Nanoliter Reactors Improve Multiple Displacement Amplification of Genomes from Single Cells

Abstract

Since only a small fraction of environmental bacteria are amenable to laboratory culture, there is great interest in genomic sequencing directly from single cells. Sufficient DNA for sequencing can be obtained from one cell by the Multiple Displacement Amplification (MDA) method, thereby eliminating the need to develop culture methods. Here we used a microfluidic device to isolate individual Escherichia coli and amplify genomic DNA by MDA in 60-nl reactions. Our results confirm a report that reduced MDA reaction volume lowers nonspecific synthesis that can result from contaminant DNA templates and unfavourable interaction between primers. The quality of the genome amplification was assessed by qPCR and compared favourably to single-cell amplifications performed in standard 50-μl volumes. Amplification bias was greatly reduced in nanoliter volumes, thereby providing a more even representation of all sequences. Single-cell amplicons from both microliter and nanoliter volumes provided high-quality sequence data by high-throughput pyrosequencing, thereby demonstrating a straightforward route to sequencing genomes from single cells.

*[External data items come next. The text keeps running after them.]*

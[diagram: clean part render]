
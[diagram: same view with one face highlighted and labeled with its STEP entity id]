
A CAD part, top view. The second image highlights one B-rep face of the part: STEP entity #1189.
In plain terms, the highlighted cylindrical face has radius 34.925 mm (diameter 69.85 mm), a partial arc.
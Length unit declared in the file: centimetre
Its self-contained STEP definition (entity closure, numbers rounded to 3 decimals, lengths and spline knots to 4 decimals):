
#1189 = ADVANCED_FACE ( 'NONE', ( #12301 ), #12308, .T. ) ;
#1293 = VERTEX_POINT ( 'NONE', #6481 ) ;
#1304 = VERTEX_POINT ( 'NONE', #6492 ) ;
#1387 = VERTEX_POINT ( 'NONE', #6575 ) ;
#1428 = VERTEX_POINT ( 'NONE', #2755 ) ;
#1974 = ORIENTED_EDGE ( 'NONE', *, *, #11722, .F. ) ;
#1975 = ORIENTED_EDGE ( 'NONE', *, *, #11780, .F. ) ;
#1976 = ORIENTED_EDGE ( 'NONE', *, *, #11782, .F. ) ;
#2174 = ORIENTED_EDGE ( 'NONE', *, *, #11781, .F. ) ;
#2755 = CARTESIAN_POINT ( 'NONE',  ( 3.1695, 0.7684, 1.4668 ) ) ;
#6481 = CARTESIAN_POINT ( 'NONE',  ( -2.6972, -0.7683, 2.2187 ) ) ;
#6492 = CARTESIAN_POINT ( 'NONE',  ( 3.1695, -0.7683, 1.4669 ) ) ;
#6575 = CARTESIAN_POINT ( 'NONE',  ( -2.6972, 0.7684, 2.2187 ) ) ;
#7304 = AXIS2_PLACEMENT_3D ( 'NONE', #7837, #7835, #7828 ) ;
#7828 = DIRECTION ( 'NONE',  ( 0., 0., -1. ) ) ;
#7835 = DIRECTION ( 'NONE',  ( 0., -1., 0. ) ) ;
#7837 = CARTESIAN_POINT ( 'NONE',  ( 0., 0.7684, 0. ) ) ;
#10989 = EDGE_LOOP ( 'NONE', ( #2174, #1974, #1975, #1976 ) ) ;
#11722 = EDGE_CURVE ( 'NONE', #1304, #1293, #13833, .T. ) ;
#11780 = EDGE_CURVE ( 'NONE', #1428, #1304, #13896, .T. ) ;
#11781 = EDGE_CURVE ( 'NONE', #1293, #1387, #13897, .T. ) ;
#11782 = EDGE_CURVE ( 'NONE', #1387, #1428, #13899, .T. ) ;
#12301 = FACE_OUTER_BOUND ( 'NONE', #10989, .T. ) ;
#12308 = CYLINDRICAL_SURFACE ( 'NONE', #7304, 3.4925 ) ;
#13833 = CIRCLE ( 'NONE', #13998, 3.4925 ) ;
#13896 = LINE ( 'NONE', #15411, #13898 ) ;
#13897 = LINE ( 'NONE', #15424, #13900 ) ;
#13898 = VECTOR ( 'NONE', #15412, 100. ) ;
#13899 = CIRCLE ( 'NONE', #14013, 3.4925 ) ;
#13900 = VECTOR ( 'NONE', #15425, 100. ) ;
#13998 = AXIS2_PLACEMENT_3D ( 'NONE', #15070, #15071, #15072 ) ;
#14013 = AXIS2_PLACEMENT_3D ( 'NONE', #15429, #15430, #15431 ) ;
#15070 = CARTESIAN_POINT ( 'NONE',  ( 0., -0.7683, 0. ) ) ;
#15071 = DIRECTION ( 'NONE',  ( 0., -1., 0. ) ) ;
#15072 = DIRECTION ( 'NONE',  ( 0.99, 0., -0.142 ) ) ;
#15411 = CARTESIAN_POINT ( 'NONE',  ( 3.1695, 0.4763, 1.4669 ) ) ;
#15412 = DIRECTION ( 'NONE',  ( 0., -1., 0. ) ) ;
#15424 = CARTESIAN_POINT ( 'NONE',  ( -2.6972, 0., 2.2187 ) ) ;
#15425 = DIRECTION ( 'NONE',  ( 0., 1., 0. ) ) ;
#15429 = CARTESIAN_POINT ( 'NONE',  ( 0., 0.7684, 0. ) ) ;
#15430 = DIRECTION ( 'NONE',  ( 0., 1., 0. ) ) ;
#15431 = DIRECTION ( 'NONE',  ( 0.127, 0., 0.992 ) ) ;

It is often challenging to manipulate or analyze the genetic material or genome of an individual cell. Biochemical DNA amplification technologies can be used to make many copies of the genome from a single cell, and in this paper we investigated how well such amplification works as a function of the reaction volume. We found that single-cell genome amplification in nanoliter volumes is much more effective than in microliter volumes, providing better representation of the starting genome with less bias in the product. It should therefore be possible to obtain high-quality genome sequences from single cells. This is useful because very few microbes can be obtained in pure culture, and are therefore only amenable to single-cell analysis.